# Cereal rye for hay??



## bornagain62511 (Mar 3, 2015)

*using Winter Rye to make hay for goats??*

Hi everyone glad to be here. I'm getting a couple of Nigerian Dwarf does for milking and I was wondering if anyone has experience, or if there is any information out there regarding using winter rye to make hay for goats? Also, what about white clover? I have fields of winter rye and white clover that I could make hay out of later this spring but I wasn't sure if that would be an OK source to make goat hay with? Would there be anything that would not make this a good hay to feed my goats as the only hay during the winter?

I plan to do a planting of Sucraseed high sugar grass with alfalfa this August which should give me some good hay for next year, but I was wondering if the cereal rye and white clover could be used for this year?

thanks!


----------



## SalteyLove (Jun 18, 2011)

Congratulations on your soon-to-be additions!

I believe there is a chemical reason not to feed straight clover hay but can't recall off the top of my head. And winter rye I know is fine to run goats over for pasture - but I've never seen it baled! You may not have enough protein in there for milkers - are you planning to use alfalfa pellets and/or grain in addition?

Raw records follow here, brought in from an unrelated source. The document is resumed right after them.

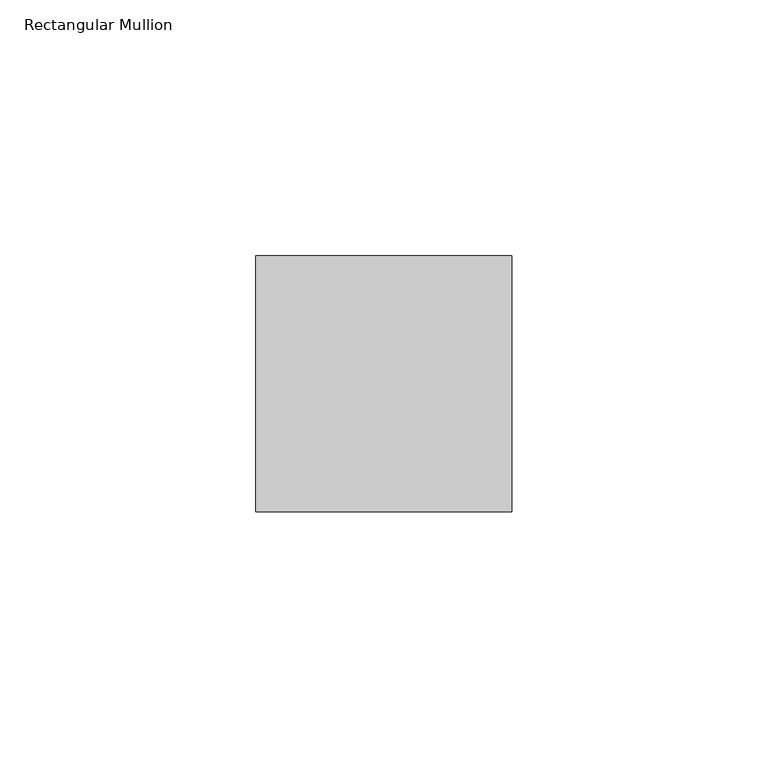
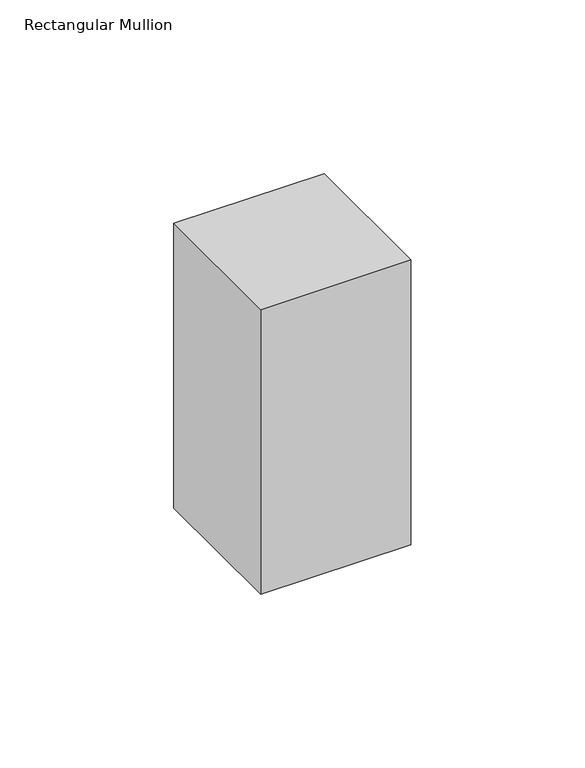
"""IFC4 building model written with IfcOpenShell, lengths in millimetres: member geometry, Rectangular Mullion : RSen_21_CWM_support profile 50x50 - right_gen_duco projects."""

from ifc_helpers import new_model, si_unit, frame, origin, place, context, project, spatial, polyline, outline, extrude, source, transform, mapped, element, save


def rectangular_mullion_a3e25429(model_context):
    return source(origin(), model_context, "Body", "SweptSolid", [
        extrude(outline(polyline([(-50.0, 1.0), (0.0, 1.0), (0.0, -49.0), (-50.0, -49.0), (-50.0, 1.0)])), frame((0.0, 0.0, -100.0), z_axis=(0.0, 0.0, 1.0), x_axis=(1.0, 0.0, 0.0)), (0.0, 0.0, 1.0), 100.0),
    ])


if __name__ == "__main__":
    model = new_model("IFC4")
    model_context = context("Model", 3, world=origin())
    ifc_project = project(units=[si_unit("LENGTHUNIT", "METRE", prefix="MILLI")], contexts=[model_context])
    site = spatial("IfcSite", under=ifc_project)
    building = spatial("IfcBuilding", under=site)
    placement = place(None, origin())
    rectangular_mullion_shape = rectangular_mullion_a3e25429(model_context)
    element("IfcMember", 1, ObjectType="Rectangular Mullion : RSen_21_CWM_support profile 50x50 - right_gen_duco projects", at=placement, inside=building, context=model_context, shape_type="MappedRepresentation", body=[
        mapped(rectangular_mullion_shape, transform((0.0, 0.0, 0.0), x_axis=(1.0, 0.0, 0.0), y_axis=(0.0, 1.0, 0.0), z_axis=(0.0, 0.0, 1.0))),
    ])
    save(model, "model.ifc")

Hopefully some folks more familiar with those hays can jump in!


----------



## top_goat (Sep 16, 2014)

Welcome, bornagain62511!


----------



## bornagain62511 (Mar 3, 2015)

top_goat said:


> Welcome, bornagain62511!


Thank you for the welcome!


----------



## bornagain62511 (Mar 3, 2015)

SalteyLove said:


> Congratulations on your soon-to-be additions!
> 
> I believe there is a chemical reason not to feed straight clover hay but can't recall off the top of my head. And winter rye I know is fine to run goats over for pasture - but I've never seen it baled! You may not have enough protein in there for milkers - are you planning to use alfalfa pellets and/or grain in addition?
> 
> Hopefully some folks more familiar with those hays can jump in!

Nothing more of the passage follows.